-- PROBLEM DESCRIPTION --
Check every line of the entries that follow, and copy the ones containing "drawing".

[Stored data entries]
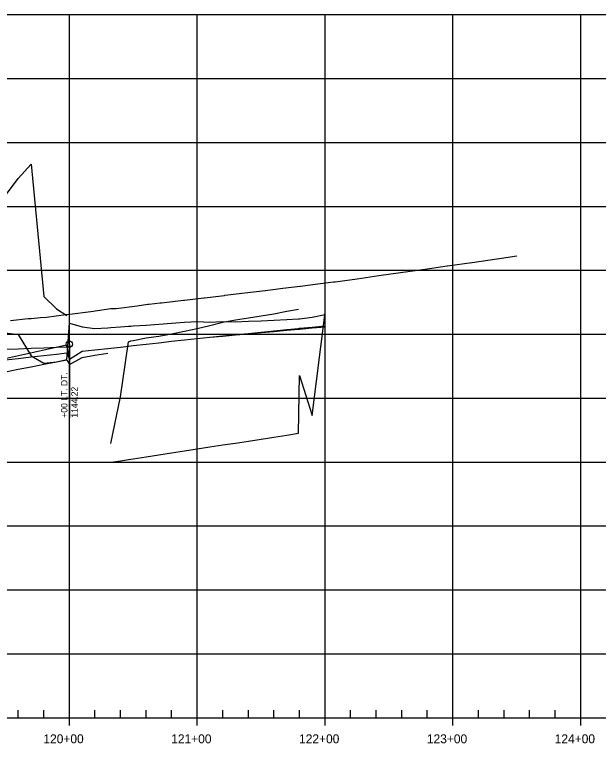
# Model space of a CAD drawing. Extents: x 688474 to 694748, y 765018 to 767373.
# Drawn here: x 692911 to 693367, y 765790 to 766360 of the extents above; entities that cross this region are included whole.
import ezdxf

# ---------------------------------------------------------------- set-up
doc = ezdxf.new("R2010")
doc.units = 0
for name, color, linetype in [('30', 7, 'Continuous'), ('37', 7, 'Continuous'), ('R_Exist Surface', 7, 'Continuous'), ('R_Profile Work Left', 7, 'Continuous'), ('R_Profile Work Right', 7, 'Continuous'), ('R_Vert Alg', 7, 'Continuous'), ('R_Vert Alg Annot', 7, 'Continuous')]:
    doc.layers.add(name, color=color, linetype=linetype)

msp = doc.modelspace()

# ---------------------------------------------------------------- linework, layer by layer
at = {"layer": '37'}
for p, q in [((690853.59, 766359.92), (693453.59, 766359.92)), ((690853.59, 766359.92), (693453.59, 766359.92)), ((692953.59, 765809.92), (692953.59, 766359.92)), ((693053.59, 765809.92), (693053.59, 766359.92)), ((693153.59, 765809.92), (693153.59, 766359.92)), ((693253.59, 765809.92), (693253.59, 766359.92)), ((693353.59, 765809.92), (693353.59, 766359.92)), ((690853.59, 766309.92), (693453.59, 766309.92)), ((690853.59, 766259.92), (693453.59, 766259.92)), ((690853.59, 766209.92), (693453.59, 766209.92)), ((690853.59, 766159.92), (693453.59, 766159.92)), ((690853.59, 766109.92), (693453.59, 766109.92)), ((690853.59, 766059.92), (693453.59, 766059.92)), ((690853.59, 766009.92), (693453.59, 766009.92)), ((690853.59, 765959.92), (693453.59, 765959.92)), ((690853.59, 765909.92), (693453.59, 765909.92)), ((690853.59, 765859.92), (693453.59, 765859.92)), ((692913.59, 765809.92), (692913.59, 765815.92)), ((692933.59, 765809.92), (692933.59, 765815.92)), ((692973.59, 765809.92), (692973.59, 765815.92)), ((692993.59, 765809.92), (692993.59, 765815.92)), ((693013.59, 765809.92), (693013.59, 765815.92)), ((693033.59, 765809.92), (693033.59, 765815.92)), ((693073.59, 765809.92), (693073.59, 765815.92)), ((693093.59, 765809.92), (693093.59, 765815.92)), ((693113.59, 765809.92), (693113.59, 765815.92)), ((693133.59, 765809.92), (693133.59, 765815.92)), ((693173.59, 765809.92), (693173.59, 765815.92)), ((693193.59, 765809.92), (693193.59, 765815.92)), ((693213.59, 765809.92), (693213.59, 765815.92)), ((693233.59, 765809.92), (693233.59, 765815.92)), ((693273.59, 765809.92), (693273.59, 765815.92)), ((693293.59, 765809.92), (693293.59, 765815.92)), ((693313.59, 765809.92), (693313.59, 765815.92)), ((693333.59, 765809.92), (693333.59, 765815.92)), ((690853.59, 765809.92), (693453.59, 765809.92)), ((692953.59, 765803.92), (692953.59, 765809.92)), ((693053.59, 765803.92), (693053.59, 765809.92)), ((693153.59, 765803.92), (693153.59, 765809.92)), ((693253.59, 765803.92), (693253.59, 765809.92)), ((693353.59, 765803.92), (693353.59, 765809.92))]:
    msp.add_line(p, q, dxfattribs=at)
at = {"layer": 'R_Exist Surface'}
msp.add_lwpolyline([(692907.58, 766120.64), (692921.38, 766122.11), (692923.79, 766122.3), (692931.01, 766123.07), (692935.65, 766123.32), (692950.71, 766125.33), (692954.07, 766125.53), (692970.28, 766127.77), (692986.07, 766130), (692987.31, 766130.14), (692988.43, 766129.95), (692990.09, 766130.14), (693006.57, 766132.15), (693014.87, 766133.39), (693015.85, 766133.5), (693024.71, 766134.34), (693025.77, 766134.46), (693042.85, 766136.55), (693043.52, 766136.6), (693058.84, 766138.42), (693059.38, 766138.47), (693074.84, 766140.31), (693075.25, 766140.35), (693090.83, 766142.21), (693106.67, 766144.1), (693106.83, 766144.11), (693106.96, 766144.13), (693120.52, 766145.83), (693120.62, 766145.84), (693134.21, 766147.55), (693134.27, 766147.55), (693147.9, 766149.26), (693147.93, 766149.27), (693160.17, 766150.8), (693161.59, 766150.98), (693161.59, 766150.98), (693178.64, 766153.35), (693178.65, 766153.35), (693195.69, 766155.72), (693195.7, 766155.72), (693212.75, 766158.1), (693212.75, 766158.1), (693229.8, 766160.47), (693229.8, 766160.47), (693230, 766160.5), (693230.09, 766160.51), (693249.17, 766163.27), (693249.3, 766163.29), (693268.54, 766166.07), (693268.81, 766166.11), (693287.91, 766168.87), (693288.33, 766168.93), (693303.59, 766171.14)], dxfattribs=at)
at = {"layer": 'R_Profile Work Left'}
for points in [[(692903.59, 766218.43), (692913.59, 766231.76), (692923.59, 766243.02), (692933.59, 766139.53), (692943.59, 766129.88), (692951.68, 766124.5)], [(692951.68, 766090.04), (692953.59, 766118.58), (692963.59, 766115.66), (692973.59, 766114.26), (692983.59, 766114.9), (692985.98, 766115.06), (692993.59, 766115.56), (692999.77, 766116.13), (693001.68, 766116.25), (693003.59, 766116.38), (693013.59, 766117.04), (693023.59, 766117.86), (693033.59, 766118.54), (693043.59, 766119.34), (693053.59, 766119.75), (693063.59, 766119.33), (693073.59, 766119.75), (693083.59, 766119.62), (693093.59, 766120.13), (693103.59, 766120.35), (693113.59, 766120.94), (693123.59, 766121.4), (693132.89, 766121.99), (693133.59, 766122.04), (693143.59, 766123.16), (693153.59, 766125.3)], [(692903.59, 766098.09), (692913.59, 766098.52), (692923.59, 766098.94), (692933.59, 766099.37), (692943.59, 766099.8), (692951.68, 766100.14), (692953.59, 766090.43), (692963.59, 766096.57), (692973.59, 766097.68), (692983.59, 766098.79), (692985.98, 766099.06), (692993.59, 766099.9), (692999.77, 766100.59), (693001.68, 766100.81), (693003.59, 766101.02), (693013.59, 766102.13), (693023.59, 766103.24), (693033.59, 766104.36), (693043.59, 766105.47), (693053.59, 766106.58), (693063.59, 766107.58), (693073.59, 766108.57), (693083.59, 766109.56), (693093.59, 766110.56), (693103.59, 766111.55), (693113.59, 766112.54), (693123.59, 766113.54), (693132.89, 766114.46), (693133.59, 766114.53), (693143.59, 766115.52), (693153.59, 766116.51)], [(692903.59, 766080.44), (692913.59, 766082.44), (692923.59, 766084.43), (692933.59, 766086.43), (692943.59, 766088.42), (692951.68, 766090.04)], [(692985.98, 766009.72), (692993.59, 766010.9), (692999.77, 766011.85), (693001.68, 766012.15), (693003.59, 766012.44), (693013.59, 766013.99), (693023.59, 766015.53), (693033.59, 766017.08), (693043.59, 766018.62), (693053.59, 766020.17), (693063.59, 766021.71), (693073.59, 766023.26), (693083.59, 766024.8), (693093.59, 766026.35), (693103.59, 766027.89), (693113.59, 766029.44), (693123.59, 766030.98), (693132.89, 766032.42), (693133.59, 766077.62)]]:
    msp.add_lwpolyline(points, dxfattribs=at)
at = {"layer": 'R_Profile Work Right'}
for points in [[(692985.98, 766024.38), (692993.59, 766060.92), (692999.77, 766103.94), (693001.68, 766104.7), (693003.59, 766105.09), (693013.59, 766106.96), (693023.59, 766108.35), (693033.59, 766110.31), (693043.59, 766112.33), (693053.59, 766114.28), (693063.59, 766116.79), (693073.59, 766119.31), (693083.59, 766121.08), (693093.59, 766122.75), (693103.59, 766124.19), (693113.59, 766125.92), (693123.59, 766127.81), (693132.89, 766129.5)], [(693133.59, 766077.62), (693143.59, 766046.36), (693153.59, 766126.87)], [(692883.27, 766108.04), (692883.59, 766108.18), (692893.59, 766110.91), (692895.28, 766110.92), (692903.59, 766110.95), (692913.59, 766109.67), (692923.59, 766093.03)], [(692903.59, 766089.89), (692913.59, 766091), (692923.59, 766092.11), (692933.59, 766093.23), (692943.59, 766094.34), (692951.68, 766095.24), (692953.59, 766090.43), (692963.59, 766096.57), (692973.59, 766097.68), (692983.59, 766098.79), (692985.98, 766099.06), (692993.59, 766099.9), (692999.77, 766100.59), (693001.68, 766100.81), (693003.59, 766101.02), (693013.59, 766102.13), (693023.59, 766103.24), (693033.59, 766104.36), (693043.59, 766105.47), (693053.59, 766106.58), (693063.59, 766107.49), (693073.59, 766108.4), (693083.59, 766109.31), (693093.59, 766110.22), (693103.59, 766111.13), (693113.59, 766112.04), (693123.59, 766112.95), (693132.89, 766113.79), (693133.59, 766113.86), (693143.59, 766114.77), (693153.59, 766115.67)], [(692923.59, 766093.03), (692933.59, 766087.14), (692943.59, 766088.35), (692951.68, 766089.78), (692953.59, 766086.25), (692963.59, 766091.66), (692973.59, 766093.39), (692983.59, 766095.15)], [(692985.98, 766009.72), (692993.59, 766010.9), (692999.77, 766011.85), (693001.68, 766012.15), (693003.59, 766012.44), (693013.59, 766013.99), (693023.59, 766015.53), (693033.59, 766017.08), (693043.59, 766018.62), (693053.59, 766020.17), (693063.59, 766021.71), (693073.59, 766023.26), (693083.59, 766024.8), (693093.59, 766026.35), (693103.59, 766027.89), (693113.59, 766029.44), (693123.59, 766030.98), (693132.89, 766032.42)]]:
    msp.add_lwpolyline(points, dxfattribs=at)
at = {"layer": 'R_Vert Alg'}
msp.add_line((692503.54, 766001.76), (692951.23, 766101.59), dxfattribs=at)
msp.add_circle((692953.59, 766102.12), 2.5, dxfattribs=at)
at = {"layer": 'R_Vert Alg Annot'}
msp.add_line((692953.59, 766102.12), (692953.59, 766044.62), dxfattribs=at)

# ---------------------------------------------------------------- texts
at = {"layer": '30'}
for s, p in [('120+00', (692933.28, 765789.92)), ('121+00', (693033.28, 765789.92)), ('122+00', (693133.28, 765789.92)), ('123+00', (693233.28, 765789.92)), ('124+00', (693333.28, 765789.92))]:
    msp.add_text(s, height=7, dxfattribs=at).set_placement(p)
at = {"layer": 'R_Vert Alg Annot'}
for s, p in [('+00 LT. DT.', (692952.09, 766044.62)), ('1144.22', (692960.09, 766044.62))]:
    msp.add_text(s, height=5, rotation=90, dxfattribs=at).set_placement(p)

doc.saveas('drawing.dxf')

-- TASK OUTPUT --
# Model space of a CAD drawing. Extents: x 688474 to 694748, y 765018 to 767373.
doc.saveas('drawing.dxf')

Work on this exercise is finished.